Key ideas and features
- Long-range entanglement: Topological order is about how quantum bits are interwoven across the entire material, not about local patterns of particles.
- Zero temperature: It is most precisely defined at absolute zero, where quantum effects dominate.
- Distinct phases: Different topological orders cannot be melted into one another without a phase transition.
- Ground-state degeneracy: The number of lowest-energy states can depend on the shape and size of the space the system lives in.
- Exotic particles and statistics: The theory predicts unusual excitations called anyons, which can have fractional or non-Abelian statistics, and can be used for robust quantum information.
- Edge states: Many topologically ordered systems have special conducting states on their boundaries that stay protected against disturbances.
- Emergent gauge fields: The collective behavior can behave as if new gauge forces arise inside the material.
- Topological entanglement entropy: A quantitative signature that reveals the entanglement structure behind topological order.

Where it appears
- Quantum Hall systems: The fractional quantum Hall states are famous examples where topological order accounts for their unusual properties.
- Superconductors and spin liquids: Some superconducting and magnetic systems show Z2 and other topological orders.
- String-net condensation: A theoretical framework that explains how many different topological orders can emerge from the collective behavior of fluctuating strings; it also links excitations to gauge bosons and charges.
- Higher dimensions: In 3+1 dimensions, topological orders involve more complex braid and loop statistics; in many cases, they are described by advanced mathematics like category theory.
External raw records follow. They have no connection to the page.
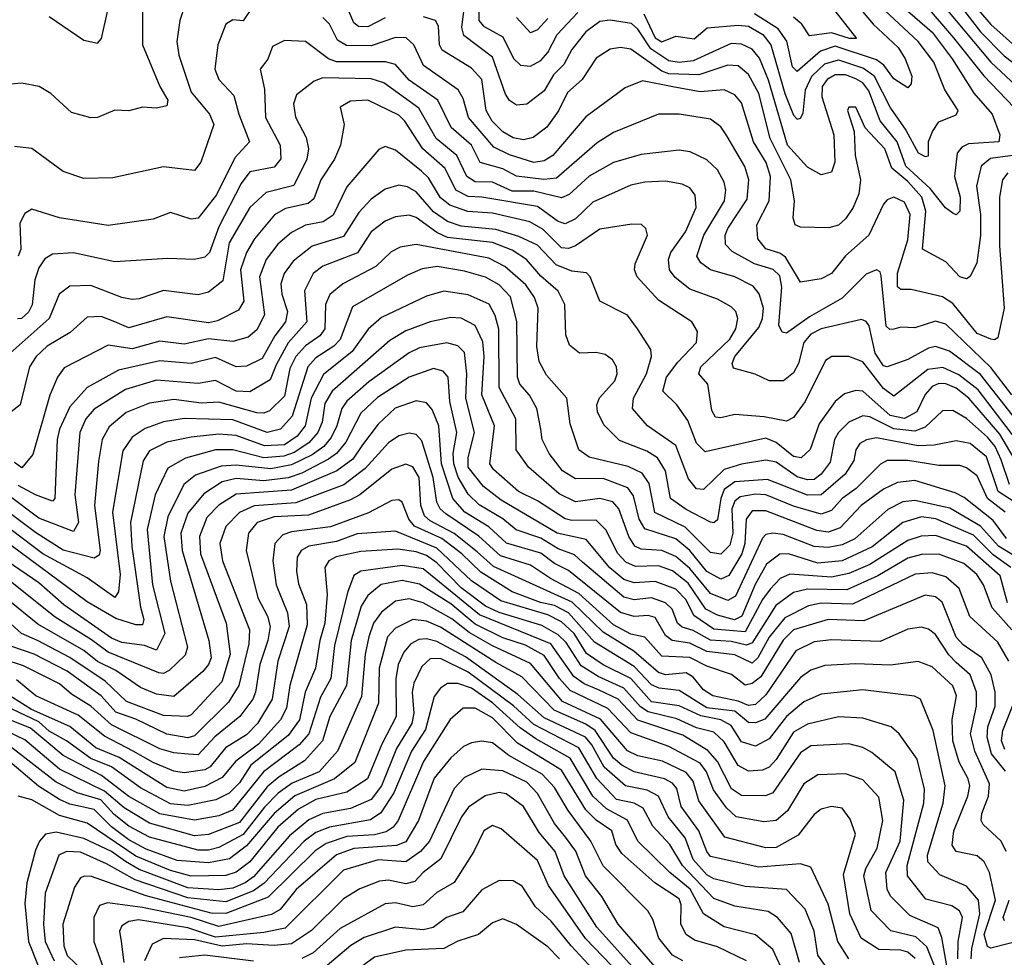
# Model space of a CAD drawing. Extents: x 1308313 to 1441400, y 959662 to 1036319.
# Tile 269 of 656: x 1345940 to 1348784, y 998230 to 1000938. Entities that reach past the tile are written whole.
import ezdxf

# ---------------------------------------------------------------- set-up
doc = ezdxf.new("R2010")
doc.units = 0

msp = doc.modelspace()

# ---------------------------------------------------------------- linework, layer by layer
at = {"layer": '0CON10XD'}
for points in [[(1348162.6, 1001132.6), (1348356.4, 1000883.6), (1348336.7, 1000883.3), (1348285, 1000900.2), (1348220.8, 1000890.8), (1348199.2, 1000925), (1348175, 1000945.5)], [(1348354.3, 1001094.3), (1348575, 1000901.7), (1348633.6, 1000825), (1348695.8, 1000725.8), (1348748.8, 1000665), (1348771.1, 1000605), (1348767.9, 1000585), (1348680.7, 1000579.3), (1348660.7, 1000569.3), (1348648, 1000552), (1348640.1, 1000485), (1348656.1, 1000425), (1348655, 1000384.4), (1348645, 1000374.2), (1348635, 1000378.5), (1348614.3, 1000394.3), (1348570, 1000450), (1348499.7, 1000515), (1348474.5, 1000585), (1348425.2, 1000645.2), (1348392.5, 1000732.5), (1348375, 1000754.9), (1348355, 1000766.6), (1348325, 1000778), (1348295, 1000778.4), (1348272.1, 1000765), (1348257.5, 1000745), (1348256.3, 1000715), (1348291.4, 1000605), (1348294.1, 1000525.9), (1348285, 1000497.5), (1348255, 1000489.6), (1348215, 1000512), (1348157.4, 1000575), (1348102.8, 1000762.8), (1348076.3, 1000826.3), (1348055, 1000852.4), (1348025, 1000866.7), (1347995, 1000868.9), (1347885, 1000818.6), (1347845, 1000814), (1347815, 1000819), (1347763.2, 1000853.2), (1347725, 1000910.4), (1347706.6, 1000926.6), (1347645, 1000936.5), (1347615, 1000932.1), (1347575, 1000902.9), (1347535, 1000851.8), (1347511.6, 1000808.4), (1347482, 1000778), (1347455, 1000732.7), (1347405, 1000694.1), (1347375, 1000691.1), (1347355, 1000704.7), (1347342.6, 1000722.6), (1347305, 1000829.1), (1347222.3, 1000892.3), (1347217, 1000915), (1347225, 1000978.1)], [(1347742.8, 1000955), (1347775, 1000884.9), (1347795, 1000874.1), (1347835, 1000890.4), (1347887.7, 1000882.3), (1347925.8, 1000914.2), (1348015, 1000922.4), (1348045, 1000919.1), (1348085.9, 1000895), (1348109.6, 1000865), (1348150, 1000725), (1348175, 1000662.1), (1348185, 1000650.9), (1348195, 1000653.3), (1348202.3, 1000667.7), (1348209.2, 1000735), (1348228.2, 1000775), (1348265, 1000810.1), (1348305, 1000821.6), (1348377.3, 1000797.3), (1348406.7, 1000776.7), (1348455, 1000681.8), (1348499, 1000619), (1348535, 1000553.6), (1348555, 1000542.5), (1348565, 1000544.4), (1348564.5, 1000585.5), (1348575.9, 1000615), (1348595, 1000642.9), (1348645, 1000662.5), (1348650.6, 1000675), (1348611.5, 1000735), (1348579.8, 1000815), (1348534.8, 1000875), (1348312.4, 1001082.4)], [(1348338.2, 1001005), (1348405, 1000925.2), (1348477.4, 1000857.4), (1348497.7, 1000825), (1348516.6, 1000775), (1348515, 1000752), (1348505, 1000741.4), (1348465, 1000767.3), (1348436, 1000806), (1348415, 1000821.6), (1348295, 1000860.9), (1348252.8, 1000847.2), (1348185, 1000788.1), (1348171.6, 1000801.6), (1348156, 1000876), (1348130.9, 1000910.9), (1348061.9, 1000955)], [(1348635.6, 1001005.6), (1348715, 1000902.3), (1348783, 1000833), (1348835, 1000794.1)], [(1346294.2, 1000995), (1346294.4, 1000865), (1346344.8, 1000744.8), (1346367.7, 1000705), (1346365, 1000688.6), (1346335, 1000682), (1346294.8, 1000685.2), (1346255, 1000674.7), (1346215, 1000676.1), (1346165, 1000655.4), (1346145, 1000654.6), (1346089.5, 1000669.5), (1346030, 1000725), (1345996.2, 1000745), (1345945, 1000754.6), (1345905, 1000750.8)], [(1346421.3, 1000995), (1346401.9, 1000935), (1346393.7, 1000875), (1346399, 1000835), (1346435, 1000728.2), (1346488.2, 1000665), (1346500.7, 1000635), (1346463.4, 1000526.6), (1346445, 1000501.8), (1346355, 1000512.5), (1346209.1, 1000480.9), (1346125, 1000479.1), (1346065, 1000499.1), (1345975, 1000565.4), (1345925, 1000571.1)], [(1346615, 1000978.8), (1346585, 1000934.6), (1346555, 1000937.2), (1346535.3, 1000924.7), (1346512.3, 1000865), (1346503.1, 1000795), (1346515.3, 1000765), (1346558.8, 1000718.8), (1346572.3, 1000665), (1346603.3, 1000585), (1346560.8, 1000539.2), (1346508.2, 1000431.8), (1346455, 1000364.5), (1346435, 1000362), (1346375, 1000380.9), (1346325, 1000362), (1346195, 1000343.1), (1346055, 1000365.8), (1345975, 1000390), (1345955, 1000378.1), (1345939.9, 1000350.1), (1345943.1, 1000275), (1345935, 1000254.5)], [(1346995, 1000942.8), (1346945, 1000917.5), (1346918, 1000918), (1346905, 1000928.7), (1346885, 1000975.9)], [(1347264.7, 1000985), (1347265.8, 1000935), (1347279.3, 1000919.3), (1347335, 1000888), (1347366.1, 1000826.1), (1347386, 1000806), (1347415, 1000803.1), (1347445, 1000819.5), (1347465, 1000842.9), (1347492.6, 1000895), (1347551.7, 1000958.3)], [(1348555, 1000980.3), (1348637.3, 1000885), (1348725, 1000775.5), (1348811.2, 1000685)], [(1348595, 1000993.8), (1348744.6, 1000814.7), (1348861.9, 1000705)], [(1346025, 1000946.5), (1346125, 1000878.5), (1346165, 1000870), (1346176.3, 1000883.7), (1346194.7, 1000965)], [(1348794.3, 1000495.7), (1348778.8, 1000475), (1348769.7, 1000425), (1348770.3, 1000285), (1348783, 1000105), (1348765, 1000019.1), (1348755, 1000012.7), (1348745, 1000014.7), (1348705, 1000031.8), (1348635, 1000118.4), (1348605, 1000137.7), (1348515, 1000158.8), (1348485, 1000158.9), (1348475, 1000165.7), (1348475.2, 1000205.2), (1348505, 1000301.5), (1348511.5, 1000375), (1348495, 1000410.8), (1348465, 1000425.3), (1348445, 1000417.1), (1348435.2, 1000404.8), (1348392.1, 1000315), (1348325, 1000255.3), (1348285, 1000204.7), (1348255, 1000188.9), (1348195, 1000180), (1348152.1, 1000252.1), (1348135, 1000263.6), (1348095, 1000275.7), (1348072.1, 1000305), (1348068.9, 1000345), (1348104.2, 1000415), (1348108.8, 1000485), (1348095.7, 1000525), (1348059.6, 1000585), (1348025, 1000697.3), (1348005, 1000720.7), (1347975, 1000734.8), (1347905, 1000729.4), (1347825.9, 1000744.1), (1347738.9, 1000761.1), (1347688.7, 1000741.3), (1347575, 1000657.5), (1347480, 1000545), (1347455, 1000530.2), (1347425, 1000525.5), (1347355, 1000547.6), (1347309.7, 1000569.7), (1347236.2, 1000655), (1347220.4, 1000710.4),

How it fits with other ideas
- Landau symmetry breaking: Traditional condensed matter theory (Landau theory) explains phases by broken symmetries. Topological order describes a different kind of organization—patterns of long-range entanglement that don’t rely on broken symmetries.
- Symmetry-protected topological (SPT) order: Topological insulators and related systems are examples of SPT order. They have short-range entanglement and require certain symmetries (like time-reversal) to protect their edge states. They are not truly “topologically ordered” in the sense of long-range entanglement with emergent anyons.
- Beyond Landau: The discovery of topological order showed that nature can host phases of matter richer than those explained by symmetry breaking alone.

Math and theory
- In 2+1 dimensions, Abelian topological orders can be cataloged with tools like the K-matrix approach. More generally, tensor categories (fusion categories) are part of the mathematical backbone for many topological orders.
- Higher-dimensional topological orders may relate to higher categories and other advanced mathematical frameworks.
- The theory uses quantum information ideas, such as how robust ground states can store and manipulate quantum information.

Why it matters
- Quantum computing: The long-range entanglement and anyons in topological order offer a path to fault-tolerant quantum memory and computation, since the information is protected from local disturbances.
- Robust edge conductance: Boundary states in some topological phases can conduct electricity without heating, which could lead to new devices.
- Fundamental insight: Topological order reveals a deeper layer of quantum matter beyond traditional symmetry concepts, enriching our understanding of what matter can do.

In short
Topological order describes a class of quantum states with deep, global entanglement patterns that define distinct phases, independent of simple particle arrangements or broken symmetries. Its signatures include unusual excitations, protected edge modes, and a robust ground-state structure. While related ideas like topological insulators exist, those are examples of symmetry-protected orders with short-range entanglement. Topological order opens up exciting possibilities for new materials and, especially, for quantum technologies that could operate with intrinsic protection against noise.